§ Exercise brief:
Look through the data below for the line with "Transmittance = 0.9" and the line with "# Materials", then output those two and all lines in between, exactly as written.

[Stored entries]
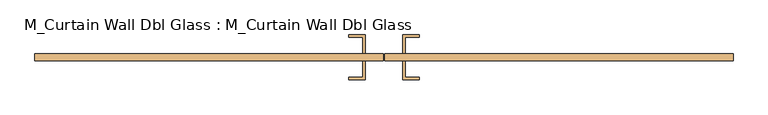
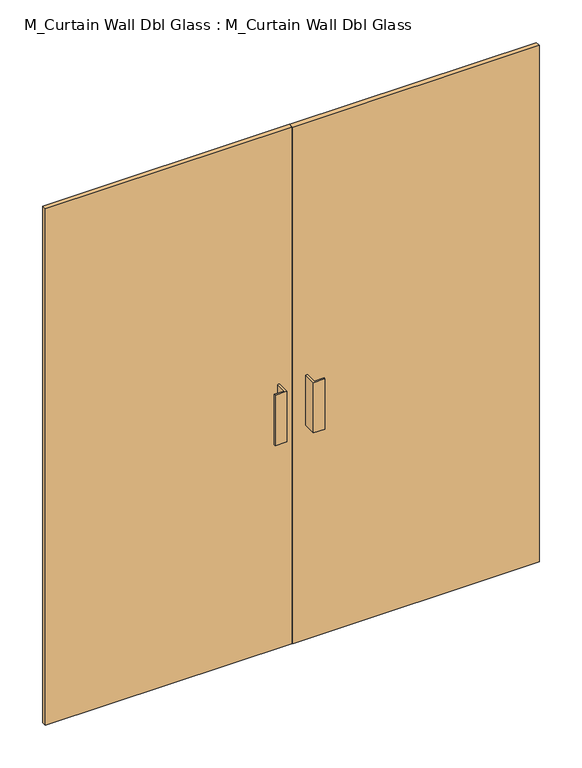
"""IFC4 building model written with IfcOpenShell, lengths in millimetres: door geometry, M_Curtain Wall Dbl Glass : M_Curtain Wall Dbl Glass."""

from ifc_helpers import new_model, si_unit, frame, origin, origin_with_axes, place, context, project, spatial, polyline, outline, extrude, source, transform, mapped, element, save


def m_curtain_wall_dbl_glass_m_curtain_wall_dbl_glass_49306077(model_context):
    return source(origin(), model_context, "Body", "SweptSolid", [
        extrude(outline(polyline([(-1.5875, -30.95), (-1.5875, -50.0), (-942.5, -50.0), (-942.5, -30.95), (-1.5875, -30.95)])), origin_with_axes(), (0.0, 0.0, 1.0), 2085.0),
        extrude(outline(polyline([(942.5, -30.95), (942.5, -50.0), (1.5875, -50.0), (1.5875, -30.95), (942.5, -30.95)])), origin_with_axes(), (0.0, 0.0, 1.0), 2085.0),
        extrude(outline(polyline([(-50.8, -100.8), (-95.25, -100.8), (-95.25, -94.45), (-57.15, -94.45), (-57.15, -50.0), (-50.8, -50.0), (-50.8, -100.8)])), frame((0.0, 0.0, 863.6), z_axis=(0.0, 0.0, 1.0), x_axis=(1.0, 0.0, 0.0)), (0.0, 0.0, 1.0), 203.2),
        extrude(outline(polyline([(50.8, -100.8), (50.8, -50.0), (57.15, -50.0), (57.15, -94.45), (95.25, -94.45), (95.25, -100.8), (50.8, -100.8)])), frame((0.0, 0.0, 863.6), z_axis=(0.0, 0.0, 1.0), x_axis=(1.0, 0.0, 0.0)), (0.0, 0.0, 1.0), 203.2),
        extrude(outline(polyline([(-50.8, 19.85), (-50.8, -30.95), (-57.15, -30.95), (-57.15, 13.5), (-95.25, 13.5), (-95.25, 19.85), (-50.8, 19.85)])), frame((0.0, 0.0, 863.6), z_axis=(0.0, 0.0, 1.0), x_axis=(1.0, 0.0, 0.0)), (0.0, 0.0, 1.0), 203.2),
        extrude(outline(polyline([(50.8, 19.85), (95.25, 19.85), (95.25, 13.5), (57.15, 13.5), (57.15, -30.95), (50.8, -30.95), (50.8, 19.85)])), frame((0.0, 0.0, 863.6), z_axis=(0.0, 0.0, 1.0), x_axis=(1.0, 0.0, 0.0)), (0.0, 0.0, 1.0), 203.2),
    ])


if __name__ == "__main__":
    model = new_model("IFC4")
    model_context = context("Model", 3, world=origin())
    ifc_project = project(units=[si_unit("LENGTHUNIT", "METRE", prefix="MILLI")], contexts=[model_context])
    site = spatial("IfcSite", under=ifc_project)
    building = spatial("IfcBuilding", under=site)
    placement = place(None, origin())
    m_curtain_wall_dbl_glass_m_curtain_wall_dbl_glass_shape = m_curtain_wall_dbl_glass_m_curtain_wall_dbl_glass_49306077(model_context)
    element("IfcDoor", 1, ObjectType="M_Curtain Wall Dbl Glass : M_Curtain Wall Dbl Glass", at=placement, inside=building, context=model_context, shape_type="MappedRepresentation", body=[
        mapped(m_curtain_wall_dbl_glass_m_curtain_wall_dbl_glass_shape, transform((0.0, 0.0, 0.0), x_axis=(1.0, 0.0, 0.0), y_axis=(0.0, 1.0, 0.0), z_axis=(0.0, 0.0, 1.0))),
    ])
    save(model, "model.ifc")

# Revit data of these elements
# Type "M_Curtain Wall Dbl Glass : M_Curtain Wall Dbl Glass"
#   Model = "12345678"
#   Manufacturer = "Dublin Doors"
#   Description = "Double Glass Door"
#   Type Mark = "41"
#   COBie.Type.CreatedBy = "design@eagle.com"
#   COBie.Type.CreatedOn = "2016-09-13T05:47:35"
#   COBie.Type.Name = "Doors_M_Curtain Wall Dbl Glass_M_Curtain Wall Dbl Glass"
#   COBie.Type.Category = "23-30 10 00 : Doors"
#   COBie.Type.Description = "Double Glass Door"
#   COBie.Type.Manufacturer = "Dublin Doors"
#   COBie.Type.ModelNumber = "12345678"
#   Construction Type Id = "GSP4R"
#   Analytic Construction = "1/8 in Pilkington single glazing"
#   COBie.Type.ReplacementCost = 0
#   Visual Light Transmittance = 0.9
#   Solar Heat Gain Coefficient = 0.78
#   Offset = 50 mm
#   Heat Transfer Coefficient (U) = 3.6886 W/(m²·K)
#   COBie.Type = yes
#   Function = 1
#   Glazing Material = Glass
# Element 1 (IfcDoor, "M_Curtain Wall Dbl Glass : M_Curtain Wall Dbl Glass")
#   Materials on its faces: "Aluminum", "Glass"
# Materials
#   "Glass": class "Glass", colour RGB 0 128 192, transparency 0.75, Description = "Soda Lime Glass", Cost = 0
#   "Aluminum": class "Metal", colour RGB 247 247 247, transparency 0, Description = "Aluminum 6061", Cost = 0

§ Worked solution:
#   Visual Light Transmittance = 0.9
#   Solar Heat Gain Coefficient = 0.78
#   Offset = 50 mm
#   Heat Transfer Coefficient (U) = 3.6886 W/(m²·K)
#   COBie.Type = yes
#   Function = 1
#   Glazing Material = Glass
# Element 1 (IfcDoor, "M_Curtain Wall Dbl Glass : M_Curtain Wall Dbl Glass")
#   Materials on its faces: "Aluminum", "Glass"
# Materials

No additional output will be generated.